*** Dataset ***

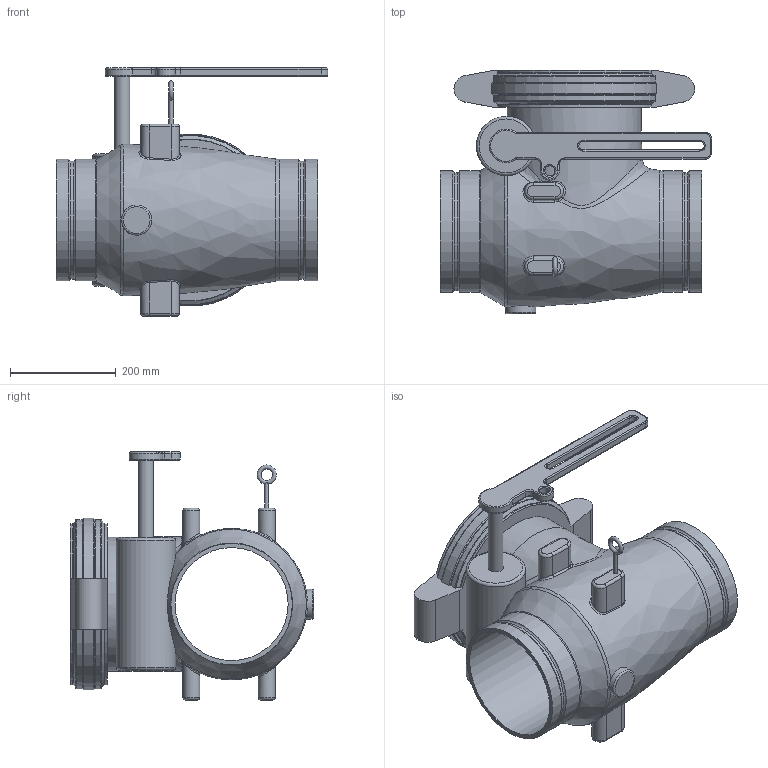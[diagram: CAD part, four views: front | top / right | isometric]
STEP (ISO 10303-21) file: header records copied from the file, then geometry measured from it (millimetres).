
FILE_DESCRIPTION(/* description */ ('VIC AWWA VALVE CHECK SPRING AND LEVER SERIES 317 (DRG)','CAx-IF Rec.Pracs.---Representation and Presentation of Product Manufacturing Information (PMI)---4.0---2014-10-13'),/* implementation_level */ '2;1');
FILE_NAME(/* name */ 'C:\Users\Vjadhav\Desktop\CAD for Inventor\1\317\STEP\Victaulic_AWWA_Valve Check Spring and Lever_Series 317 (DRG)\Victaulic_AWWA_Valve Check Spring and Lever_Series 317 (DRG)_8 (200).stp',/* time_stamp */ '2021-10-01T17:34:49+05:00',/* author */ ('jbrannon'),/* organization */ ('Victaulic'),/* preprocessor_version */ 'ST-DEVELOPER v17.2',/* originating_system */ 'Autodesk Inventor 2019',/* authorisation */ '');
FILE_SCHEMA (('AP242_MANAGED_MODEL_BASED_3D_ENGINEERING_MIM_LF { 1 0 10303 442 1 1 4 }'));
Length unit declared in the file: inch
Products named in the file (1): 317-08.0
Bounding box: 514.35 x 460.76 x 469.65 mm (x, y, z)
Volume: 22533228.3 mm3; surface area: 1170897.8 mm2
Topology: 1 solids, 1 shells, 188 faces, 486 edges, 305 vertices
Faces by surface type: cylinder 65, torus 50, plane 37, bspline 26, cone 10
Full cylindrical faces by diameter (mm): 7.62 x1, 19.177 x1, 28.575 x1, 57.15 x1, 112.268 x1, 214.122 x1, 223.037 x2, 229.87 x4, 254 x1
Entity records: 7795 total; most frequent: CARTESIAN_POINT 2999, ORIENTED_EDGE 972, DIRECTION 966, EDGE_CURVE 486, AXIS2_PLACEMENT_3D 414, VERTEX_POINT 305, CIRCLE 238, EDGE_LOOP 201
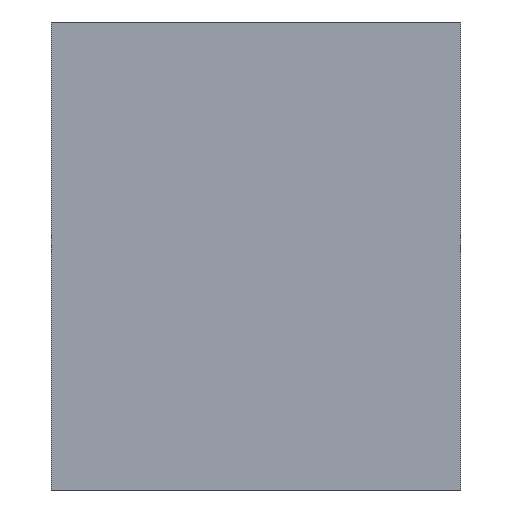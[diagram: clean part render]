
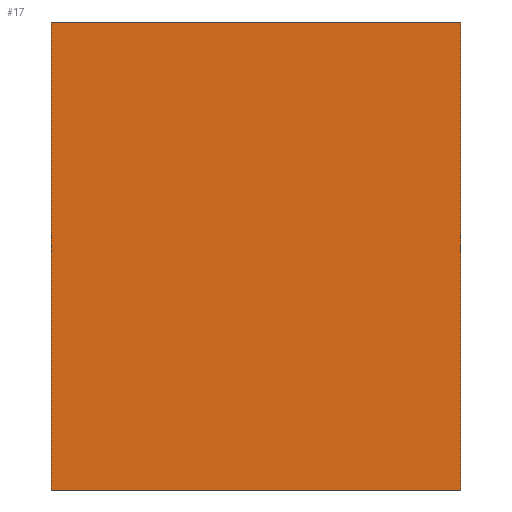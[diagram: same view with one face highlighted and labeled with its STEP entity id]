
A CAD part, left-side view. The second image highlights one B-rep face of the part: STEP entity #17.
In plain terms, the highlighted planar face has unit normal (-1, 0, 0).
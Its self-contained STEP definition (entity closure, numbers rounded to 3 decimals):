
#17 = ADVANCED_FACE('',(#18),#32,.F.);
#18 = FACE_BOUND('',#19,.F.);
#19 = EDGE_LOOP('',(#20,#55,#83,#111));
#20 = ORIENTED_EDGE('',*,*,#21,.F.);
#21 = EDGE_CURVE('',#22,#24,#26,.T.);
#22 = VERTEX_POINT('',#23);
#23 = CARTESIAN_POINT('',(-20.,50.5,5.));
#24 = VERTEX_POINT('',#25);
#25 = CARTESIAN_POINT('',(-20.,50.5,13.));
#26 = SURFACE_CURVE('',#27,(#31,#43),.PCURVE_S1.);
#27 = LINE('',#28,#29);
#28 = CARTESIAN_POINT('',(-20.,50.5,5.));
#29 = VECTOR('',#30,1.);
#30 = DIRECTION('',(0.,0.,1.));
#31 = PCURVE('',#32,#37);
#32 = PLANE('',#33);
#33 = AXIS2_PLACEMENT_3D('',#34,#35,#36);
#34 = CARTESIAN_POINT('',(-20.,50.5,5.));
#35 = DIRECTION('',(1.,0.,0.));
#36 = DIRECTION('',(0.,0.,1.));
#37 = DEFINITIONAL_REPRESENTATION('',(#38),#42);
#38 = LINE('',#39,#40);
#39 = CARTESIAN_POINT('',(0.,0.));
#40 = VECTOR('',#41,1.);
#41 = DIRECTION('',(1.,0.));
#42 = ( GEOMETRIC_REPRESENTATION_CONTEXT(2) 
PARAMETRIC_REPRESENTATION_CONTEXT() REPRESENTATION_CONTEXT('2D SPACE',''
  ) );
#43 = PCURVE('',#44,#49);
#44 = PLANE('',#45);
#45 = AXIS2_PLACEMENT_3D('',#46,#47,#48);
#46 = CARTESIAN_POINT('',(-20.,50.5,5.));
#47 = DIRECTION('',(0.,1.,0.));
#48 = DIRECTION('',(0.,-0.,1.));
#49 = DEFINITIONAL_REPRESENTATION('',(#50),#54);
#50 = LINE('',#51,#52);
#51 = CARTESIAN_POINT('',(0.,0.));
#52 = VECTOR('',#53,1.);
#53 = DIRECTION('',(1.,0.));
#54 = ( GEOMETRIC_REPRESENTATION_CONTEXT(2) 
PARAMETRIC_REPRESENTATION_CONTEXT() REPRESENTATION_CONTEXT('2D SPACE',''
  ) );
#55 = ORIENTED_EDGE('',*,*,#56,.T.);
#56 = EDGE_CURVE('',#22,#57,#59,.T.);
#57 = VERTEX_POINT('',#58);
#58 = CARTESIAN_POINT('',(-20.,57.5,5.));
#59 = SURFACE_CURVE('',#60,(#64,#71),.PCURVE_S1.);
#60 = LINE('',#61,#62);
#61 = CARTESIAN_POINT('',(-20.,50.5,5.));
#62 = VECTOR('',#63,1.);
#63 = DIRECTION('',(0.,1.,0.));
#64 = PCURVE('',#32,#65);
#65 = DEFINITIONAL_REPRESENTATION('',(#66),#70);
#66 = LINE('',#67,#68);
#67 = CARTESIAN_POINT('',(0.,0.));
#68 = VECTOR('',#69,1.);
#69 = DIRECTION('',(0.,-1.));
#70 = ( GEOMETRIC_REPRESENTATION_CONTEXT(2) 
PARAMETRIC_REPRESENTATION_CONTEXT() REPRESENTATION_CONTEXT('2D SPACE',''
  ) );
#71 = PCURVE('',#72,#77);
#72 = PLANE('',#73);
#73 = AXIS2_PLACEMENT_3D('',#74,#75,#76);
#74 = CARTESIAN_POINT('',(-20.,50.5,5.));
#75 = DIRECTION('',(0.,0.,1.));
#76 = DIRECTION('',(1.,0.,-0.));
#77 = DEFINITIONAL_REPRESENTATION('',(#78),#82);
#78 = LINE('',#79,#80);
#79 = CARTESIAN_POINT('',(0.,0.));
#80 = VECTOR('',#81,1.);
#81 = DIRECTION('',(0.,1.));
#82 = ( GEOMETRIC_REPRESENTATION_CONTEXT(2) 
PARAMETRIC_REPRESENTATION_CONTEXT() REPRESENTATION_CONTEXT('2D SPACE',''
  ) );
#83 = ORIENTED_EDGE('',*,*,#84,.T.);
#84 = EDGE_CURVE('',#57,#85,#87,.T.);
#85 = VERTEX_POINT('',#86);
#86 = CARTESIAN_POINT('',(-20.,57.5,13.));
#87 = SURFACE_CURVE('',#88,(#92,#99),.PCURVE_S1.);
#88 = LINE('',#89,#90);
#89 = CARTESIAN_POINT('',(-20.,57.5,5.));
#90 = VECTOR('',#91,1.);
#91 = DIRECTION('',(0.,0.,1.));
#92 = PCURVE('',#32,#93);
#93 = DEFINITIONAL_REPRESENTATION('',(#94),#98);
#94 = LINE('',#95,#96);
#95 = CARTESIAN_POINT('',(0.,-7.));
#96 = VECTOR('',#97,1.);
#97 = DIRECTION('',(1.,0.));
#98 = ( GEOMETRIC_REPRESENTATION_CONTEXT(2) 
PARAMETRIC_REPRESENTATION_CONTEXT() REPRESENTATION_CONTEXT('2D SPACE',''
  ) );
#99 = PCURVE('',#100,#105);
#100 = PLANE('',#101);
#101 = AXIS2_PLACEMENT_3D('',#102,#103,#104);
#102 = CARTESIAN_POINT('',(-20.,57.5,5.));
#103 = DIRECTION('',(0.,1.,0.));
#104 = DIRECTION('',(0.,-0.,1.));
#105 = DEFINITIONAL_REPRESENTATION('',(#106),#110);
#106 = LINE('',#107,#108);
#107 = CARTESIAN_POINT('',(0.,0.));
#108 = VECTOR('',#109,1.);
#109 = DIRECTION('',(1.,0.));
#110 = ( GEOMETRIC_REPRESENTATION_CONTEXT(2) 
PARAMETRIC_REPRESENTATION_CONTEXT() REPRESENTATION_CONTEXT('2D SPACE',''
  ) );
#111 = ORIENTED_EDGE('',*,*,#112,.F.);
#112 = EDGE_CURVE('',#24,#85,#113,.T.);
#113 = SURFACE_CURVE('',#114,(#118,#125),.PCURVE_S1.);
#114 = LINE('',#115,#116);
#115 = CARTESIAN_POINT('',(-20.,50.5,13.));
#116 = VECTOR('',#117,1.);
#117 = DIRECTION('',(0.,1.,0.));
#118 = PCURVE('',#32,#119);
#119 = DEFINITIONAL_REPRESENTATION('',(#120),#124);
#120 = LINE('',#121,#122);
#121 = CARTESIAN_POINT('',(8.,0.));
#122 = VECTOR('',#123,1.);
#123 = DIRECTION('',(0.,-1.));
#124 = ( GEOMETRIC_REPRESENTATION_CONTEXT(2) 
PARAMETRIC_REPRESENTATION_CONTEXT() REPRESENTATION_CONTEXT('2D SPACE',''
  ) );
#125 = PCURVE('',#126,#131);
#126 = PLANE('',#127);
#127 = AXIS2_PLACEMENT_3D('',#128,#129,#130);
#128 = CARTESIAN_POINT('',(-20.,50.5,13.));
#129 = DIRECTION('',(0.,0.,1.));
#130 = DIRECTION('',(1.,0.,-0.));
#131 = DEFINITIONAL_REPRESENTATION('',(#132),#136);
#132 = LINE('',#133,#134);
#133 = CARTESIAN_POINT('',(0.,0.));
#134 = VECTOR('',#135,1.);
#135 = DIRECTION('',(0.,1.));
#136 = ( GEOMETRIC_REPRESENTATION_CONTEXT(2) 
PARAMETRIC_REPRESENTATION_CONTEXT() REPRESENTATION_CONTEXT('2D SPACE',''
  ) );
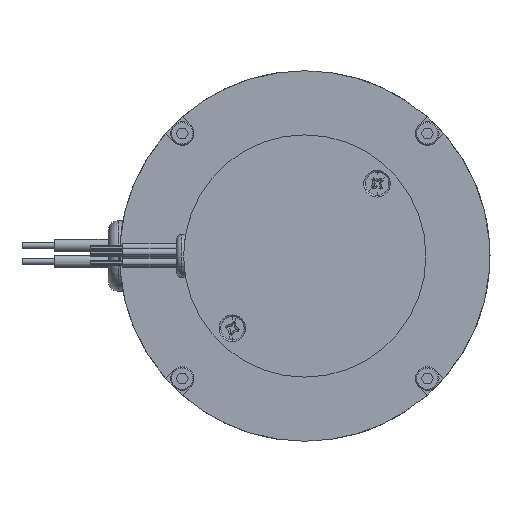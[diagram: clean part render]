
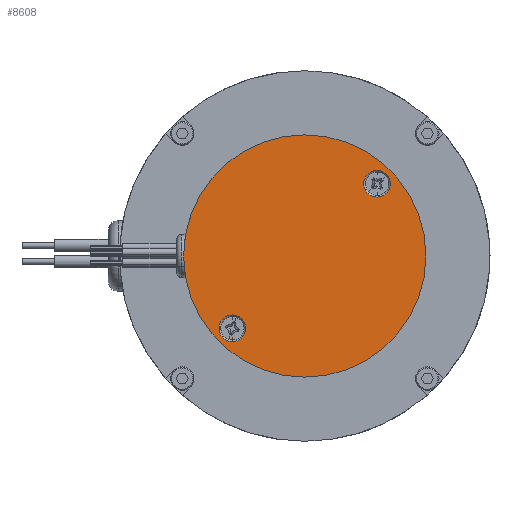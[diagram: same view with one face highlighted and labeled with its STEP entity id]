
A CAD part, left-side view. The second image highlights one B-rep face of the part: STEP entity #8608.
In plain terms, the highlighted planar face has unit normal (-1, 0, 0).
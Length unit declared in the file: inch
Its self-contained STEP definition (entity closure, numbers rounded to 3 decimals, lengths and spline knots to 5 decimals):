
#23 = CARTESIAN_POINT ( 'NONE',  ( -3.72874, 4.73184, 4.42972 ) ) ;
#86 = DIRECTION ( 'NONE',  ( 1., 0., 0. ) ) ;
#942 = AXIS2_PLACEMENT_3D ( 'NONE', #23, #2224, #5669 ) ;
#1127 = ORIENTED_EDGE ( 'NONE', *, *, #8820, .F. ) ;
#1154 = DIRECTION ( 'NONE',  ( 1., 0., 0. ) ) ;
#1240 = VERTEX_POINT ( 'NONE', #11306 ) ;
#1665 = CIRCLE ( 'NONE', #14313, 0.12402 ) ;
#1755 = PLANE ( 'NONE',  #4746 ) ;
#1829 = EDGE_CURVE ( 'NONE', #1240, #2165, #14016, .T. ) ;
#1887 = CIRCLE ( 'NONE', #12765, 0.12402 ) ;
#2141 = AXIS2_PLACEMENT_3D ( 'NONE', #13872, #1154, #10309 ) ;
#2165 = VERTEX_POINT ( 'NONE', #13131 ) ;
#2224 = DIRECTION ( 'NONE',  ( -1., 0., 0. ) ) ;
#2427 = DIRECTION ( 'NONE',  ( 0., 0., 1. ) ) ;
#2475 = DIRECTION ( 'NONE',  ( -1., 0., 0. ) ) ;
#3282 = EDGE_CURVE ( 'NONE', #2165, #1240, #1665, .T. ) ;
#3337 = DIRECTION ( 'NONE',  ( -1., 0., 0. ) ) ;
#3408 = CIRCLE ( 'NONE', #2141, 1.125 ) ;
#3532 = DIRECTION ( 'NONE',  ( 0., 0., -1. ) ) ;
#3706 = CARTESIAN_POINT ( 'NONE',  ( -3.72874, 4.06009, 6.22647 ) ) ;
#3912 = VERTEX_POINT ( 'NONE', #8253 ) ;
#4428 = DIRECTION ( 'NONE',  ( 0., 0., 1. ) ) ;
#4746 = AXIS2_PLACEMENT_3D ( 'NONE', #10848, #12000, #5196 ) ;
#5196 = DIRECTION ( 'NONE',  ( 0., 0., -1. ) ) ;
#5292 = FACE_OUTER_BOUND ( 'NONE', #11663, .T. ) ;
#5358 = AXIS2_PLACEMENT_3D ( 'NONE', #9258, #2475, #2427 ) ;
#5669 = DIRECTION ( 'NONE',  ( 0., 0., 1. ) ) ;
#5671 = EDGE_LOOP ( 'NONE', ( #10135, #12263 ) ) ;
#5968 = EDGE_CURVE ( 'NONE', #8344, #11734, #3408, .T. ) ;
#6142 = CARTESIAN_POINT ( 'NONE',  ( -3.72874, 3.38834, 5.6492 ) ) ;
#6436 = ORIENTED_EDGE ( 'NONE', *, *, #10849, .F. ) ;
#6961 = EDGE_LOOP ( 'NONE', ( #7845, #6436 ) ) ;
#7069 = DIRECTION ( 'NONE',  ( 0., 0., 1. ) ) ;
#7778 = CIRCLE ( 'NONE', #8687, 1.125 ) ;
#7845 = ORIENTED_EDGE ( 'NONE', *, *, #8938, .F. ) ;
#8175 = CARTESIAN_POINT ( 'NONE',  ( -3.72874, 3.38834, 5.77322 ) ) ;
#8253 = CARTESIAN_POINT ( 'NONE',  ( -3.72874, 3.38834, 5.89724 ) ) ;
#8344 = VERTEX_POINT ( 'NONE', #3706 ) ;
#8451 = VERTEX_POINT ( 'NONE', #6142 ) ;
#8608 = ADVANCED_FACE ( 'NONE', ( #14372, #11339, #5292 ), #1755, .F. ) ;
#8687 = AXIS2_PLACEMENT_3D ( 'NONE', #10201, #86, #3532 ) ;
#8820 = EDGE_CURVE ( 'NONE', #11734, #8344, #7778, .T. ) ;
#8938 = EDGE_CURVE ( 'NONE', #3912, #8451, #1887, .T. ) ;
#8972 = CARTESIAN_POINT ( 'NONE',  ( -3.72874, 4.73184, 4.42972 ) ) ;
#9258 = CARTESIAN_POINT ( 'NONE',  ( -3.72874, 3.38834, 5.77322 ) ) ;
#10135 = ORIENTED_EDGE ( 'NONE', *, *, #3282, .F. ) ;
#10201 = CARTESIAN_POINT ( 'NONE',  ( -3.72874, 4.06009, 5.10147 ) ) ;
#10309 = DIRECTION ( 'NONE',  ( 0., 0., -1. ) ) ;
#10445 = DIRECTION ( 'NONE',  ( -1., 0., 0. ) ) ;
#10737 = CARTESIAN_POINT ( 'NONE',  ( -3.72874, 4.06009, 3.97647 ) ) ;
#10848 = CARTESIAN_POINT ( 'NONE',  ( -3.72874, 4.06009, 5.10147 ) ) ;
#10849 = EDGE_CURVE ( 'NONE', #8451, #3912, #12716, .T. ) ;
#11306 = CARTESIAN_POINT ( 'NONE',  ( -3.72874, 4.73184, 4.3057 ) ) ;
#11339 = FACE_BOUND ( 'NONE', #6961, .T. ) ;
#11663 = EDGE_LOOP ( 'NONE', ( #1127, #12097 ) ) ;
#11734 = VERTEX_POINT ( 'NONE', #10737 ) ;
#12000 = DIRECTION ( 'NONE',  ( 1., 0., 0. ) ) ;
#12097 = ORIENTED_EDGE ( 'NONE', *, *, #5968, .F. ) ;
#12263 = ORIENTED_EDGE ( 'NONE', *, *, #1829, .F. ) ;
#12716 = CIRCLE ( 'NONE', #5358, 0.12402 ) ;
#12765 = AXIS2_PLACEMENT_3D ( 'NONE', #8175, #10445, #7069 ) ;
#13131 = CARTESIAN_POINT ( 'NONE',  ( -3.72874, 4.73184, 4.55373 ) ) ;
#13872 = CARTESIAN_POINT ( 'NONE',  ( -3.72874, 4.06009, 5.10147 ) ) ;
#14016 = CIRCLE ( 'NONE', #942, 0.12402 ) ;
#14313 = AXIS2_PLACEMENT_3D ( 'NONE', #8972, #3337, #4428 ) ;
#14372 = FACE_BOUND ( 'NONE', #5671, .T. ) ;

***

* Problem to work on:
Look for the word "contained". Copy out every line of the data that has it.

* Answer area:
Its self-contained STEP definition (entity closure, numbers rounded to 3 decimals):
Its self-contained STEP definition (entity closure, numbers rounded to 3 decimals, lengths and spline knots to 5 decimals):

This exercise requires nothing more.